> _Input for this task_
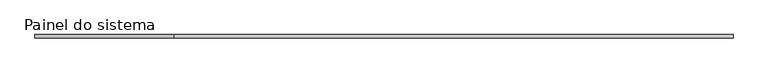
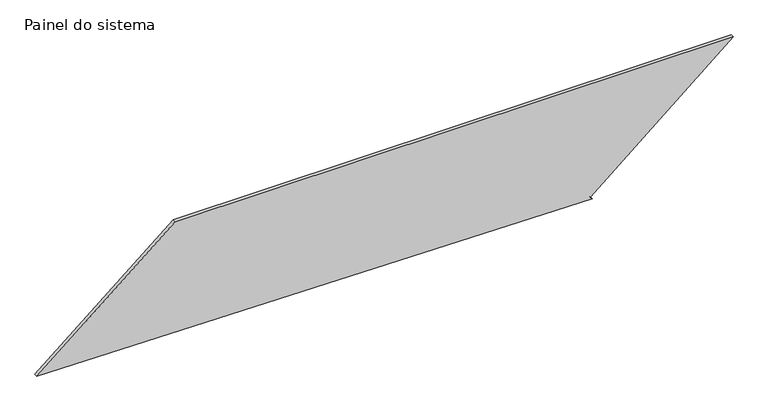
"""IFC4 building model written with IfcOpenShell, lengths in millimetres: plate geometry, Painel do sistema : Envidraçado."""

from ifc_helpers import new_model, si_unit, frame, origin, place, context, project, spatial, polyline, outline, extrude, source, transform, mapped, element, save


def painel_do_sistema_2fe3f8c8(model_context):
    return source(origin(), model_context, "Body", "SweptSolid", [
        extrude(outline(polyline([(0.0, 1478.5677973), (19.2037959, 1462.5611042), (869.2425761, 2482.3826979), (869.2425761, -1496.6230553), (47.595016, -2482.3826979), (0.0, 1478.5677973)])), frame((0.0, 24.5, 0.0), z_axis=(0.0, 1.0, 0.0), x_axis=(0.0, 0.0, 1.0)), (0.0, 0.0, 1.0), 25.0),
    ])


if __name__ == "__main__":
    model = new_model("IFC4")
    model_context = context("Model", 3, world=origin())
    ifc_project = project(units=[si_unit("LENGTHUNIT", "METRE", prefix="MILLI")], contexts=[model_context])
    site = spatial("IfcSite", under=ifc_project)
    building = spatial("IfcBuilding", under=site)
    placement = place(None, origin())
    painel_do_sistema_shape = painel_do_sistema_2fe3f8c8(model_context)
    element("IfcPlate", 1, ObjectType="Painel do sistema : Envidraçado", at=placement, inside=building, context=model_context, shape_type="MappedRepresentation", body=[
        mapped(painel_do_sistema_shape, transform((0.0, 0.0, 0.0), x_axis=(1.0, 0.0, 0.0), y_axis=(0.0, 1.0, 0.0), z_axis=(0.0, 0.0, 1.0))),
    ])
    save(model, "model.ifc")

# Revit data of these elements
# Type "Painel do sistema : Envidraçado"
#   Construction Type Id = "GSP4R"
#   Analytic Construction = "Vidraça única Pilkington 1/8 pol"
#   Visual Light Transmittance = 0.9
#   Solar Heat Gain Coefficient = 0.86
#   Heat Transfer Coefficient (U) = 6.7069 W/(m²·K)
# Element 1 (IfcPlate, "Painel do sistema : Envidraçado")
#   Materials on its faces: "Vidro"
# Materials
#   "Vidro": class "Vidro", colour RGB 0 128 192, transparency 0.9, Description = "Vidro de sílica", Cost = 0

> _Task item_
Copy the listing above verbatim, leaving out pictures.

> _Response area_
"""IFC4 building model written with IfcOpenShell, lengths in millimetres: plate geometry, Painel do sistema : Envidraçado."""

from ifc_helpers import new_model, si_unit, frame, origin, place, context, project, spatial, polyline, outline, extrude, source, transform, mapped, element, save


def painel_do_sistema_2fe3f8c8(model_context):
    return source(origin(), model_context, "Body", "SweptSolid", [
        extrude(outline(polyline([(0.0, 1478.5677973), (19.2037959, 1462.5611042), (869.2425761, 2482.3826979), (869.2425761, -1496.6230553), (47.595016, -2482.3826979), (0.0, 1478.5677973)])), frame((0.0, 24.5, 0.0), z_axis=(0.0, 1.0, 0.0), x_axis=(0.0, 0.0, 1.0)), (0.0, 0.0, 1.0), 25.0),
    ])


if __name__ == "__main__":
    model = new_model("IFC4")
    model_context = context("Model", 3, world=origin())
    ifc_project = project(units=[si_unit("LENGTHUNIT", "METRE", prefix="MILLI")], contexts=[model_context])
    site = spatial("IfcSite", under=ifc_project)
    building = spatial("IfcBuilding", under=site)
    placement = place(None, origin())
    painel_do_sistema_shape = painel_do_sistema_2fe3f8c8(model_context)
    element("IfcPlate", 1, ObjectType="Painel do sistema : Envidraçado", at=placement, inside=building, context=model_context, shape_type="MappedRepresentation", body=[
        mapped(painel_do_sistema_shape, transform((0.0, 0.0, 0.0), x_axis=(1.0, 0.0, 0.0), y_axis=(0.0, 1.0, 0.0), z_axis=(0.0, 0.0, 1.0))),
    ])
    save(model, "model.ifc")

# Revit data of these elements
# Type "Painel do sistema : Envidraçado"
#   Construction Type Id = "GSP4R"
#   Analytic Construction = "Vidraça única Pilkington 1/8 pol"
#   Visual Light Transmittance = 0.9
#   Solar Heat Gain Coefficient = 0.86
#   Heat Transfer Coefficient (U) = 6.7069 W/(m²·K)
# Element 1 (IfcPlate, "Painel do sistema : Envidraçado")
#   Materials on its faces: "Vidro"
# Materials
#   "Vidro": class "Vidro", colour RGB 0 128 192, transparency 0.9, Description = "Vidro de sílica", Cost = 0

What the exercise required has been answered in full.